Corpora in literary and stylistic studies

Corpora in literary and stylistic studies Corpus Linguistics Richard Xiao lancsxiaoz@googlemail.com

Aims of this session • Lecture • An overview of applications of corpora in literary and stylistic studies • Case study: Culpeper’s (2002) keyword analysis of six characters in Romeo and Juliet • Lab session • To duplicate Culpeper’s (2002) study

Corpora vs. literary stylistics • Stylistic shifts in usage may be observed with reference to features associated with either particular situations of use or particular groups of speakers (cf. Schilling-Estes 2002: 375) • In this sense, similar to registers and genres or dialects and language varieties • …but stylisticians are typically more interested in individual works by individual authors rather than language or language variety as such • The use of corpora in stylistics and literary studies is presently very limited

Potential uses of corpora • Study of prose style • Study of individual authorial styles • Authorship attribution • Literary appreciation and criticism • Teaching of stylistics • Study of literariness in discourses other than literary texts (e.g. Carter 1999)

Study of prose style • In stylistics, there is a long tradition of focusing on the representation of speech and thought in fiction • Leech and Short’s (1981) influential model of speech and thought presentation • Style in Fiction, Longman, 1981 • Further refined in Short, Semino and Culpeper (1996), and Semino, Short and Culpeper (1997)

S&TP: Lancaster Speech, Thought and Writing Presentation Corpus • Developed during 1994-2003 • Written: 260,000 words in size, three narrative genres: prose fiction, newspaper reportage and (auto)biography, which are further divided into ‘serious’ and ‘popular’ sections • Spoken: created with the express aim of comparing S&TP in spoken and written languages systematically, 260,000 words, 60 samples from BNCdemo, and 60 samples from oral history archives in the Centre for North West Regional Studies at Lancaster • Download:http://ota.ahds.ac.uk/headers/2464.xml

S&TP categories • Direct category, e.g. • direct speech, direct thought and direct writing • Free direct category, e.g. • free direct speech, free direct thought, free direct writing • Indirect category, e.g. • indirect speech, indirect thought, indirect writing • Free indirect category • free indirect speech, free indirect thought, free indirect writing • Representation of speech/thought/writing act category • Representation of voice/internal state/writing category • Report category, e.g. • report of speech, report of thought, report of writing

Authorial styles of individual authors • Typically specialized corpora of the works of individual authors, e.g. • A corpus composed of their early and later works to track any stylistic shift over time • A corpus composed of their works belonging to different genres (e.g. plays and essays) to compare their styles across genres • A corpus composed of works by different authors to compare their different authorial styles • Large general corpora can provide ‘a means of establishing a norm for comparison when discussing features of literary style’ (Hunston 2002: 128)

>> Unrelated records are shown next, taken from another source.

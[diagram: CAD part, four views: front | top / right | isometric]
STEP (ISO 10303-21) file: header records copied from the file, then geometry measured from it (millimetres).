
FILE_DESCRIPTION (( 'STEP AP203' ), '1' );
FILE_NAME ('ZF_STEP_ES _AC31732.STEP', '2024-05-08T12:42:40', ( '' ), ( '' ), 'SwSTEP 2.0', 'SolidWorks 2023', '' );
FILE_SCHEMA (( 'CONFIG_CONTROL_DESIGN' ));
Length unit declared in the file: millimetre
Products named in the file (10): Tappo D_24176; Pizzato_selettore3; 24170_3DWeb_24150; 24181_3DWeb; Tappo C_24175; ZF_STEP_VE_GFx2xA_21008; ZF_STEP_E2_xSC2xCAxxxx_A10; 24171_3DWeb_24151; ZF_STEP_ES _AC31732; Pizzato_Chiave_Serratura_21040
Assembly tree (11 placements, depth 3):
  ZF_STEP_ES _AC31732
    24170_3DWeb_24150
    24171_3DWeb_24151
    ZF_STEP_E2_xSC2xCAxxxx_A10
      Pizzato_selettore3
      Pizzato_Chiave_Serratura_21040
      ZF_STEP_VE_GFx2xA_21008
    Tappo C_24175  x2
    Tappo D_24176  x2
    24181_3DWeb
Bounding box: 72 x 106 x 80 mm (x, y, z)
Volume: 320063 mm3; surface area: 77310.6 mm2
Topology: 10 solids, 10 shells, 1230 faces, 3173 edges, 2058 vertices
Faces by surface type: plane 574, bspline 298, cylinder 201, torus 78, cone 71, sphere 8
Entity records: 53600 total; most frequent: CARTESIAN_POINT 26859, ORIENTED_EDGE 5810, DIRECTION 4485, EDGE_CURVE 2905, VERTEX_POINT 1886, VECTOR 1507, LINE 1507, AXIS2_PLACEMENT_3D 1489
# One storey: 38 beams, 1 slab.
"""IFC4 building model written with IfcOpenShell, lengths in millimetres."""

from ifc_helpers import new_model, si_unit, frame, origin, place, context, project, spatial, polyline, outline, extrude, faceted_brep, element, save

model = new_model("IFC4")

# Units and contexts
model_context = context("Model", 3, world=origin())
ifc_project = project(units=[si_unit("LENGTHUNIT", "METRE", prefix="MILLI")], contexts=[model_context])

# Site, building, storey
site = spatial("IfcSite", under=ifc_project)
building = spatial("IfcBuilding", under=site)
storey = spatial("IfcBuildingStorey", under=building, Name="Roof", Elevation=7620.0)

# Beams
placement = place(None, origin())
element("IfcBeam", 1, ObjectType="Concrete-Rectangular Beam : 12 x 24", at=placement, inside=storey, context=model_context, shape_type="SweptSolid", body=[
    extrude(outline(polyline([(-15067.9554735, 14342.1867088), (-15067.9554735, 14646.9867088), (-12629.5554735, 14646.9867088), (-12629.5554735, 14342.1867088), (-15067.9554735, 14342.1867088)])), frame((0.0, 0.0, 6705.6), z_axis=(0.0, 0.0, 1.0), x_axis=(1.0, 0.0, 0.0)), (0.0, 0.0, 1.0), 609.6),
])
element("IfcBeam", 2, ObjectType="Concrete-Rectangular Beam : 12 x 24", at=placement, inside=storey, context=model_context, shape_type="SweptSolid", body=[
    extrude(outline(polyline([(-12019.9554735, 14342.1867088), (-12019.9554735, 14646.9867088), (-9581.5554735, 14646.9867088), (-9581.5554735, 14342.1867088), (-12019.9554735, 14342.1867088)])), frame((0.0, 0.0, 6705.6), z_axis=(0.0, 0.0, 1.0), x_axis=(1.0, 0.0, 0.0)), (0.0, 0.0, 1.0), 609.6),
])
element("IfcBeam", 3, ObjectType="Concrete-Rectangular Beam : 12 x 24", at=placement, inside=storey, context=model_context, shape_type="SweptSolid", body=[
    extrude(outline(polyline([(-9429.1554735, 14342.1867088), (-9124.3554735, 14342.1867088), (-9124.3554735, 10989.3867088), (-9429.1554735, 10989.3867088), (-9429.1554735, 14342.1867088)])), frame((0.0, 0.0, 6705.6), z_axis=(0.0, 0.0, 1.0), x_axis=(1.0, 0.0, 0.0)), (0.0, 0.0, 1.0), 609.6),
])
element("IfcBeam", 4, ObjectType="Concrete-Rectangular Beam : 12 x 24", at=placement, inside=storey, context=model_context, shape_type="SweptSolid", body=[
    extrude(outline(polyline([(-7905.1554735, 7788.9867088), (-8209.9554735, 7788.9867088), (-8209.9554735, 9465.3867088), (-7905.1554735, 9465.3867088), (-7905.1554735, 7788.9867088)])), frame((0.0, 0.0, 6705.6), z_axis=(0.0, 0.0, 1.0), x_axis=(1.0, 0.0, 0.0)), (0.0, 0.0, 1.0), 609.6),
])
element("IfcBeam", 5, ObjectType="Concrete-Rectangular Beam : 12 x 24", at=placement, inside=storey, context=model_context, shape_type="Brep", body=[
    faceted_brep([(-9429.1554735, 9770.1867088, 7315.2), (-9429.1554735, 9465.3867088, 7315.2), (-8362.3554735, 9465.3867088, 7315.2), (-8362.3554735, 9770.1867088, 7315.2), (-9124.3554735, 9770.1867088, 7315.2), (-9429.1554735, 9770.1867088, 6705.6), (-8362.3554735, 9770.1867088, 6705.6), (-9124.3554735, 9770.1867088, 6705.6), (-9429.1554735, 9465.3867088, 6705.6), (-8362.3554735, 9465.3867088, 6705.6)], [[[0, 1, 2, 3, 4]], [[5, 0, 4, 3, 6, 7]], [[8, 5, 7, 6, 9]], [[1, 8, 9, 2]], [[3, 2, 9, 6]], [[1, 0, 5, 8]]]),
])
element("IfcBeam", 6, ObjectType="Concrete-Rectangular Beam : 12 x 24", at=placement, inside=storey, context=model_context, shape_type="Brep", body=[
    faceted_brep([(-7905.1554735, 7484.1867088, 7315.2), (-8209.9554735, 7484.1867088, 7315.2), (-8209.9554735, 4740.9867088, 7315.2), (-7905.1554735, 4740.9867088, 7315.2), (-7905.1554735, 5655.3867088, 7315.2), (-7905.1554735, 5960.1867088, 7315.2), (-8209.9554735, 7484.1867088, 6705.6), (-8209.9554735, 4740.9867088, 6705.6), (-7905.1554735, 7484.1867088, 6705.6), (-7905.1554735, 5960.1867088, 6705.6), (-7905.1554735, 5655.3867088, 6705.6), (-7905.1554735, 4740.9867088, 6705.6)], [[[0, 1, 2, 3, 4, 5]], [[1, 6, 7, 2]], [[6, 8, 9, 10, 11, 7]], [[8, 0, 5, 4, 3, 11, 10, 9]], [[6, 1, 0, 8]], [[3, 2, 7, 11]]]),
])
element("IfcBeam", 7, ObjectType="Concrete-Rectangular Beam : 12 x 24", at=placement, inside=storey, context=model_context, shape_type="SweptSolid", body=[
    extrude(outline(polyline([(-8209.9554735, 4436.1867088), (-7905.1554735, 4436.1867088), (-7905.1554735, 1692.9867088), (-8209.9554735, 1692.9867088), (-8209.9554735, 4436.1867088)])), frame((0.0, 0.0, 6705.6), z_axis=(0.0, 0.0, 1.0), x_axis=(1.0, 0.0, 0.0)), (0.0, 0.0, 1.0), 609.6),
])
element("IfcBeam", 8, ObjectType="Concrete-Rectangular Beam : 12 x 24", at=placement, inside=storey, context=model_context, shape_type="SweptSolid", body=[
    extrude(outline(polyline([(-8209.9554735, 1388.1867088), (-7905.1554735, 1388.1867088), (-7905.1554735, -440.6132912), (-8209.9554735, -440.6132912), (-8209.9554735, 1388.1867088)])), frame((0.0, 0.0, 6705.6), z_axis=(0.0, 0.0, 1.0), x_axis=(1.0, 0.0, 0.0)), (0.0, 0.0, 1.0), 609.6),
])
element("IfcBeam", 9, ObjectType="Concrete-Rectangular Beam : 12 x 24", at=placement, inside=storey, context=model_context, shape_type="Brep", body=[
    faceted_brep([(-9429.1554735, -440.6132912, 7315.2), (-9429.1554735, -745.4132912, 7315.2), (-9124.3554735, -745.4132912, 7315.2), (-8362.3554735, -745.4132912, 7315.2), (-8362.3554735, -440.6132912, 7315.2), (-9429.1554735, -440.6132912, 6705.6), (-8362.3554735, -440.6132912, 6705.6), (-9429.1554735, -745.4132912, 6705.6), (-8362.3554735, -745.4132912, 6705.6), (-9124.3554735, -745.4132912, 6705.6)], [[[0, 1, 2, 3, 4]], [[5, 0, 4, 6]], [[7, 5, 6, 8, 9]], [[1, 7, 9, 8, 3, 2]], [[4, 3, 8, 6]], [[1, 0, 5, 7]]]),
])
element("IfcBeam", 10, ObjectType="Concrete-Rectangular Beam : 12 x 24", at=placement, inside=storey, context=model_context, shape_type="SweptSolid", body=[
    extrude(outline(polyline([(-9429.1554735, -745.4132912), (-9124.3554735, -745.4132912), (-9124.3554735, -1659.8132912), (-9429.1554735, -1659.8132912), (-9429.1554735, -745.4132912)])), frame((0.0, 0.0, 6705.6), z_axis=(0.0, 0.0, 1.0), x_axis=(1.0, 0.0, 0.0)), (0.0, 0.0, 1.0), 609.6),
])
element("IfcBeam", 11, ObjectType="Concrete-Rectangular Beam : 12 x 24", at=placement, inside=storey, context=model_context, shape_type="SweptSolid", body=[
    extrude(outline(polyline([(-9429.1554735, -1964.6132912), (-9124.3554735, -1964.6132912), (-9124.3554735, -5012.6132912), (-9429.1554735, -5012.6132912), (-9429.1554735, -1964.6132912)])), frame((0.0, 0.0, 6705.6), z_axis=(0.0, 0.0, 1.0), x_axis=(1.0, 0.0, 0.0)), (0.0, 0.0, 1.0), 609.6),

Techniques of studying authorial styles • Corpus stylistics goes well beyond simple counting but rather relying heavily on sophisticated statistical approaches • MDA (e.g. Watson 1994) • Principal Component Analysis (e.g. Binongo and Smith 1999) • Multivariate analysis (or more specifically, cluster analysis, e.g. Watson 1999; Hoover 2003) • Stylistics + computation + statistics • stylometry, stylometrics, computational stylistics, statistical stylistics, corpus stylistics

Authorship attribution • Is the work by Shakespeare or Marlowe? • Cluster analysis of frequent words, frequent word sequences, and frequent collocations provides an accurate and robust method for authorship attribution (Hoover 2001, 2002, 2003a, 2003b) • Corpus-based authorship attribution has been used as linguistic evidence in court (“forensic linguistics”) • Confession/witness statements (e.g. Coulthard 1993) • Blackmail/ransom/suicide notes (Baldauf 1999) • Plagiarism detection in academic and education settings (e.g. Turnitin UK)

The Derek Bentley case • Derek Bentley was hanged in the UK in 1953 for allegedly encouraging his young companion Chris Craig (a minor) to shoot a policeman • The evidence that weighed against him was a confession statement which he signed in police custody but later claimed at the trial that the police had ‘helped’ him (to?) produce • The case was re-opened in 1993, 40 years after Derek was hanged • Malcolm Coulthard, a forensic linguist, was commissioned by Bentley’s family to examine the confession as part of an appeal to get a posthumous pardon for Derek

The Derek Bentley case • The appeal was initially rejected by the Home Secretary • In 1998, another court of appeal overthrew the original conviction and found Derek Bentley innocent • In 1999 the Home Secretary awarded compensation to the Bentley family

The Derek Bentley case • In Bentley’s confession, the word then was unusually frequent • It occurred 10 times in his 582-word confession statement, ranking as the 8th most frequent word in the statement • It ranked 58th in a corpus of spoken English, and 83rd in the Bank of English (on average once every 500 words) • Six witness statements • 3 made by other witnesses: then occurs just once in 980 words • 3 by police officers, including two involved in the Bentley case: then occurs 29 times – once in every 78 words!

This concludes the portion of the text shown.